In order to date things (like rocks and stuff) people use radioactive decay. In order to do this one needs to examine the decay of isotopes into their daughter nuclieotides. The usual equation that we are taught in physics that the rate at which atoms decay is proportional to the number of atoms there are. This law can be derived in the following way with some simple assumptions, suppose at time t there are N(t) nuclieotides, and after a period of dt the number of nuclieotides which have decayed is dN, then the probability of decay p, is given by p=dN/N.

This probability is independent of time because nuclieotides do not age, they may decay after a period of time, before that the particle does not feel the pass of time, we do no see "old" and "young" electrons, this is the case for all particles. Secondly it is independent of N because all the nuclieotides are independent of each other, as the decay of one, will not effect the decay of another.
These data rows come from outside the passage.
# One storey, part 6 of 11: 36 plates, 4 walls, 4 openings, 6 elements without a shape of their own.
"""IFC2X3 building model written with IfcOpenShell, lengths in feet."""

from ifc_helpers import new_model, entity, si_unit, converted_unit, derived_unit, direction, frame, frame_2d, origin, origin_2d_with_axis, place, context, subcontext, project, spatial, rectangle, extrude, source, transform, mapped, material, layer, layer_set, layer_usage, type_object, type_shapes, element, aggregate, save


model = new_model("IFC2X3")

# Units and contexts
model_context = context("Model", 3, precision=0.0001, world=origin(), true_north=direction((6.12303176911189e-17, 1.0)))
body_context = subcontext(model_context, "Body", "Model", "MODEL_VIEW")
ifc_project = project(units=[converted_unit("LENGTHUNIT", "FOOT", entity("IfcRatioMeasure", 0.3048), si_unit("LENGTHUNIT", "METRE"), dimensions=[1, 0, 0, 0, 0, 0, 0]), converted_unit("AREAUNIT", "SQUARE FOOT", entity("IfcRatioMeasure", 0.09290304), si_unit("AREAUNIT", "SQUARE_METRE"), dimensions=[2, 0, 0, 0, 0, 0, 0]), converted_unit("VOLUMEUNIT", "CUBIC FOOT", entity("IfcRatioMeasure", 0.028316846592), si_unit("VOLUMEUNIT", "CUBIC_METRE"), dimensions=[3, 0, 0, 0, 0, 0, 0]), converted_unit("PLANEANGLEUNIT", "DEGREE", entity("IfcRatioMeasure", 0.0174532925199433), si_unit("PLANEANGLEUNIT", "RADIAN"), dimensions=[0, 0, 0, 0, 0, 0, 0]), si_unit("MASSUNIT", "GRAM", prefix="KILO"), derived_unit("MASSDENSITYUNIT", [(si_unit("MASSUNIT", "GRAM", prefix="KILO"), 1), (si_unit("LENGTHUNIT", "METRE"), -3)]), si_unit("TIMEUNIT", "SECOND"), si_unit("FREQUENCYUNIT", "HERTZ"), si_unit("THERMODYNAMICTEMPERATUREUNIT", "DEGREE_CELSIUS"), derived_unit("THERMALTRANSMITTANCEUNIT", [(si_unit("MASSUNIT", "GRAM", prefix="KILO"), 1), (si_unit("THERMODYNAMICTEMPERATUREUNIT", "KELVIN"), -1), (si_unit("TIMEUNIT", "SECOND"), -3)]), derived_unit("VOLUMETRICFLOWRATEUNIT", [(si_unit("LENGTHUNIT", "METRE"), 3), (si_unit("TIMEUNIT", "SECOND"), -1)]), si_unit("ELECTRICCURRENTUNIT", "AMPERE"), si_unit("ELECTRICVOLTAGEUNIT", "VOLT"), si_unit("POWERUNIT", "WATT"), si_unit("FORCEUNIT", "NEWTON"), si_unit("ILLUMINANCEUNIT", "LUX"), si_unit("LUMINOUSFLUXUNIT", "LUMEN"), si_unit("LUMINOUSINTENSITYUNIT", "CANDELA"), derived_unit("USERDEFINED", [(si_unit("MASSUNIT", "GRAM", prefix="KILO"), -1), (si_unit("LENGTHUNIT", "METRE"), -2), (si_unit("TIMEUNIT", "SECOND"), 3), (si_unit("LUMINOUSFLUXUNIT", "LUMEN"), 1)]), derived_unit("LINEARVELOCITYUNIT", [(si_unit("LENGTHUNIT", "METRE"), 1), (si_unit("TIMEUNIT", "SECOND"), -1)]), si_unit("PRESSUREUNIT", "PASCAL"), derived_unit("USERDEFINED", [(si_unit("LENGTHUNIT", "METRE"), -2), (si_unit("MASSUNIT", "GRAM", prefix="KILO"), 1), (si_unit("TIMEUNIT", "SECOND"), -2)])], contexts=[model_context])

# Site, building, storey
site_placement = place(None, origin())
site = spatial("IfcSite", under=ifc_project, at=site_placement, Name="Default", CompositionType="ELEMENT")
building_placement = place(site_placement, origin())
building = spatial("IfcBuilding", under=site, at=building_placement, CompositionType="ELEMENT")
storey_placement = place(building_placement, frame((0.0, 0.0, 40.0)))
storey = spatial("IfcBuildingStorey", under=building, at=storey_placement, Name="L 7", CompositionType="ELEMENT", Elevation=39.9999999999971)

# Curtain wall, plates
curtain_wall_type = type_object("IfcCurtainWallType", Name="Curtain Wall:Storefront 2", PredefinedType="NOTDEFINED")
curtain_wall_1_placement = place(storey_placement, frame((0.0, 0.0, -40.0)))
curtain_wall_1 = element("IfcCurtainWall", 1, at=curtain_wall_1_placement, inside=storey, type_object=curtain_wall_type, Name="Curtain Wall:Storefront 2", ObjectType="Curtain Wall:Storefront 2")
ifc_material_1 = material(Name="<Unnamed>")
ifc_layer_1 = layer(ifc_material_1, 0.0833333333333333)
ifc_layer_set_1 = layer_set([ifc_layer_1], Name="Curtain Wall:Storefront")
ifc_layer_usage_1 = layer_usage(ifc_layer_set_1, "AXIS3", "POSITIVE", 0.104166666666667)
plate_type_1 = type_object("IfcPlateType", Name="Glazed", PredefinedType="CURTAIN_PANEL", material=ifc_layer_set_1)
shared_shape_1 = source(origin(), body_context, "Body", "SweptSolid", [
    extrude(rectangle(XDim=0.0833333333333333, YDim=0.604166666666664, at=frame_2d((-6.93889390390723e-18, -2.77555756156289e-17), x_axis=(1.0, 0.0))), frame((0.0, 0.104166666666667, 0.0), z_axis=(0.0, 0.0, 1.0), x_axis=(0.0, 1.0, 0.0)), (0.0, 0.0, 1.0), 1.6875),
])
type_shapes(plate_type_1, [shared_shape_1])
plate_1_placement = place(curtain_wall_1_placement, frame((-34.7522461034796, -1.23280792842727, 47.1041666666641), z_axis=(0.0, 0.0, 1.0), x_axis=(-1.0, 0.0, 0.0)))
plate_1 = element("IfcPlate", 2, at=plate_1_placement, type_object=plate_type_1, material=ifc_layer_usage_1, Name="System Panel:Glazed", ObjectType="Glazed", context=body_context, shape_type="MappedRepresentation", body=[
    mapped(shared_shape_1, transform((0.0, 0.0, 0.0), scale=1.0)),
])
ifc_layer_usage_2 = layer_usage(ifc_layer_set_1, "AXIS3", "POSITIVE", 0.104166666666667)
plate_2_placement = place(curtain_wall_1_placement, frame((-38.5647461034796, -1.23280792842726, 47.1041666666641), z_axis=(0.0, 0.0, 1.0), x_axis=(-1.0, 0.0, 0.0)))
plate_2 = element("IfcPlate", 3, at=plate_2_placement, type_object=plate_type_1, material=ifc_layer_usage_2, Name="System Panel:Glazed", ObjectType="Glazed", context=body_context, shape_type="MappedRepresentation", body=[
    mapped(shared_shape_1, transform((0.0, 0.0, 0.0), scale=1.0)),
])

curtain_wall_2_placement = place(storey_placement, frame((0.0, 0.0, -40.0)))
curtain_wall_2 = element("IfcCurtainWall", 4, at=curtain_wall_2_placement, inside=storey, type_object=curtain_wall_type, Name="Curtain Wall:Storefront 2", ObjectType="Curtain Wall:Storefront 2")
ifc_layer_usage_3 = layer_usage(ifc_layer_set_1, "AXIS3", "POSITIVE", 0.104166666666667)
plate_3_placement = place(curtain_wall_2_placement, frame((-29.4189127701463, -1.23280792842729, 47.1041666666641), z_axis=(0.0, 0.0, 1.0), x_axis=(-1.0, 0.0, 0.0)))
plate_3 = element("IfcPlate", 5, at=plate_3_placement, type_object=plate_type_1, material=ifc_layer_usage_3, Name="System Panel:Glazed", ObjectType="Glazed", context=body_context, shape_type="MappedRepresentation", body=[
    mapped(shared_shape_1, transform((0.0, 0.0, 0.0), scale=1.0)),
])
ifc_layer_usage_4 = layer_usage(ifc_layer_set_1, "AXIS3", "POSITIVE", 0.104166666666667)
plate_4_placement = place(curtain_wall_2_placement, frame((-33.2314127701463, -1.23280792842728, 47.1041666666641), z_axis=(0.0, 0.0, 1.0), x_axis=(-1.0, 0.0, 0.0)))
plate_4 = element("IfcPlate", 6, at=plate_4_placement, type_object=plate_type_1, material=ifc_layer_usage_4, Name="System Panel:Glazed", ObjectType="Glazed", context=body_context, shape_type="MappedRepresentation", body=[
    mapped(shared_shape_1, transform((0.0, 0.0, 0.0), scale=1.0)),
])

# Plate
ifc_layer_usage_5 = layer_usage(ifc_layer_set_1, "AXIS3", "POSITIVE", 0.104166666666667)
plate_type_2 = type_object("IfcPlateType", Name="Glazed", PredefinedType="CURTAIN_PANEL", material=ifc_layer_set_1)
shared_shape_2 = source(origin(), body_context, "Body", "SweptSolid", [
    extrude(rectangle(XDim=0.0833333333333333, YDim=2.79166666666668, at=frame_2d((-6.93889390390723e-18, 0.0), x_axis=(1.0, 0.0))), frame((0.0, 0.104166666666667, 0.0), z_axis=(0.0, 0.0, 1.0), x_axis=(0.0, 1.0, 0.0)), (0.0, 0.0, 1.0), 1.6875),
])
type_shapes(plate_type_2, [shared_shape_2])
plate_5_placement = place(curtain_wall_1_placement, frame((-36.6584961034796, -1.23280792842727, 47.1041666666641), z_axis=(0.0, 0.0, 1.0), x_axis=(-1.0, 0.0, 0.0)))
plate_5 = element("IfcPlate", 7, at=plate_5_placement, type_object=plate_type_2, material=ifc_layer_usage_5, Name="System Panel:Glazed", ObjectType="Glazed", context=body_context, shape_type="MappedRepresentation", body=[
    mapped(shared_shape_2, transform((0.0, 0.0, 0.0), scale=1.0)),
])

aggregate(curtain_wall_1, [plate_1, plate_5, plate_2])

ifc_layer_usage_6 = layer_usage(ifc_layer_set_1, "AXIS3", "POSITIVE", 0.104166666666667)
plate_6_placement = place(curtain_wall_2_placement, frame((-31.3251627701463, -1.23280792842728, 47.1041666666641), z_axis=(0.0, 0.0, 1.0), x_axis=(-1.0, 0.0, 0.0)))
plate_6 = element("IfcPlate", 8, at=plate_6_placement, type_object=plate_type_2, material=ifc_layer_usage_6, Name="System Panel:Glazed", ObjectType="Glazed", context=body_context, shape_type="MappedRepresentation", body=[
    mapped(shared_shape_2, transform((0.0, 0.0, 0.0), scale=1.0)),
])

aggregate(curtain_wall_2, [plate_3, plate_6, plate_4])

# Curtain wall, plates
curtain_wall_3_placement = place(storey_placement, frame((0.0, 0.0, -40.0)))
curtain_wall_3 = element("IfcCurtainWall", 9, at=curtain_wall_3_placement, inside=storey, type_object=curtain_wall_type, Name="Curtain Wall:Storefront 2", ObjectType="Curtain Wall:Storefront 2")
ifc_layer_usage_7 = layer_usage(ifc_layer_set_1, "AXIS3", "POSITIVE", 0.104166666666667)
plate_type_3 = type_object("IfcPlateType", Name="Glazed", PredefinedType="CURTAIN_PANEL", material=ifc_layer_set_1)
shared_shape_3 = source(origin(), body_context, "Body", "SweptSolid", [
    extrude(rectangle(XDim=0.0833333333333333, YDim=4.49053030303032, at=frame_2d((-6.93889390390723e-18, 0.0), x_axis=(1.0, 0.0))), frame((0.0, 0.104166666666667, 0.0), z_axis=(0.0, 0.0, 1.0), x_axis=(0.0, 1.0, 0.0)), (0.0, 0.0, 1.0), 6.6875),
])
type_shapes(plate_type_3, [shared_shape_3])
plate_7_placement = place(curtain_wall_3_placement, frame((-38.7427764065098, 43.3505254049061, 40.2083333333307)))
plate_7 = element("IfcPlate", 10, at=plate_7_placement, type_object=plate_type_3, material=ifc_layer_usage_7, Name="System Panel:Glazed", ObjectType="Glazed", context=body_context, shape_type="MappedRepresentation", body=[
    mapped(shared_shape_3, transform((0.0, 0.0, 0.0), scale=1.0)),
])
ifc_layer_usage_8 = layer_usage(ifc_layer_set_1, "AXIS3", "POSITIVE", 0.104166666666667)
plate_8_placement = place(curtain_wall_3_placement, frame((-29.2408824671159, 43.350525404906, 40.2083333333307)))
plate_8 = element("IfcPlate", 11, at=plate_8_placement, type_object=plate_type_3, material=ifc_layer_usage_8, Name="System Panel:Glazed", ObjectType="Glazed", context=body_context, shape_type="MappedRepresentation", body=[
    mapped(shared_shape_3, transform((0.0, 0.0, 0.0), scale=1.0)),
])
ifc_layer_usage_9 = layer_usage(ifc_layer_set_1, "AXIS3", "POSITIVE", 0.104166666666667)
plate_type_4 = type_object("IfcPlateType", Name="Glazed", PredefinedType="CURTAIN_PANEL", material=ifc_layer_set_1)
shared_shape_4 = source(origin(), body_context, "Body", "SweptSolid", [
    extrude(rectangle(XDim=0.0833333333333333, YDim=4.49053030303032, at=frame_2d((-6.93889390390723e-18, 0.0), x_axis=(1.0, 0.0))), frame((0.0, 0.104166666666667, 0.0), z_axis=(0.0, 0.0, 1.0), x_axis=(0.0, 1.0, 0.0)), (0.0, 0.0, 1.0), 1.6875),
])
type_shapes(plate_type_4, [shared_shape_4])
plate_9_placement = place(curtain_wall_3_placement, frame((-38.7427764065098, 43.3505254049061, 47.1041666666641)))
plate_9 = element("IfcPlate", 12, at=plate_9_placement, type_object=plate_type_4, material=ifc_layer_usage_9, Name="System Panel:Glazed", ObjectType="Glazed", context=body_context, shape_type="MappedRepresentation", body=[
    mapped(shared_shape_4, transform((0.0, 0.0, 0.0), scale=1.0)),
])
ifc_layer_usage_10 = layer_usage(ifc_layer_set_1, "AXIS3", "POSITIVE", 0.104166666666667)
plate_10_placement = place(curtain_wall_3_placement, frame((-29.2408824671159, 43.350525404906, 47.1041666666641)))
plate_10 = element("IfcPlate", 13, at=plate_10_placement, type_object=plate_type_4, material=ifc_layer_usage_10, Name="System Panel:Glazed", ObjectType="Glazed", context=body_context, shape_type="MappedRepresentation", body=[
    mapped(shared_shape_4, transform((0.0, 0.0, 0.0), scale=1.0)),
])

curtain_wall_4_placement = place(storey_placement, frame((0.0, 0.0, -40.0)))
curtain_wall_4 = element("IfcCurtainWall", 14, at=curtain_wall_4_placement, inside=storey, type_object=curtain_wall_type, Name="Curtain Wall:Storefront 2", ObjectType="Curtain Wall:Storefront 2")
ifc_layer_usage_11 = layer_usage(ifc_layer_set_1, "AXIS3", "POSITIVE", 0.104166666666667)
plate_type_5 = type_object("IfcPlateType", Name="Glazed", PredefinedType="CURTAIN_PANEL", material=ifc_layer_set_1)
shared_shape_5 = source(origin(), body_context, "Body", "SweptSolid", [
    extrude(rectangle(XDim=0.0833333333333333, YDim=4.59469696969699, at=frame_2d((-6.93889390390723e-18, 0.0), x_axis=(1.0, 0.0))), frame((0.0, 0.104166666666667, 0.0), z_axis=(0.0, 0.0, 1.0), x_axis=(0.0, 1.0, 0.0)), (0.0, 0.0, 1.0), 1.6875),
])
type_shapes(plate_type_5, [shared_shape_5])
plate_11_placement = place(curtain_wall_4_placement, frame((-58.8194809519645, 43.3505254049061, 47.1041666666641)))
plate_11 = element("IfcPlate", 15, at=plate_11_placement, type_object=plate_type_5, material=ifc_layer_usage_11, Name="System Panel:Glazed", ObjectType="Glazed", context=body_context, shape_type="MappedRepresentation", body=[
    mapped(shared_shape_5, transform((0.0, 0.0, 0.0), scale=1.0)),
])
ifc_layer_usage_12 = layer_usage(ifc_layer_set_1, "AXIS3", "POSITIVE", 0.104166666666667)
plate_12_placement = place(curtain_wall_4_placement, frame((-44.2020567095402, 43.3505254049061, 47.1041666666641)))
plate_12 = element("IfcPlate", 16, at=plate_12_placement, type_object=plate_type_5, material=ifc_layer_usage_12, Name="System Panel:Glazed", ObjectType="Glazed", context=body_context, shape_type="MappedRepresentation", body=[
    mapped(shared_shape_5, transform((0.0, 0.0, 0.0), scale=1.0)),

So we can see p=constant.

so dN=p*N=constant*dt*N

As the probability will increase as you increase the time inteval (as it is more likely for a nuclieotide to decay the longer you wait) so p is proportional to dt and you are left with:

dN/dt=-kN

which is used for radiometric decay.

p=dN/N, but dN/N=d, the N cancels. Why do they put dN/N? So p=d really. I have also seen a much longer equation, that I would not even begin to understand, for finding the radiometric ages.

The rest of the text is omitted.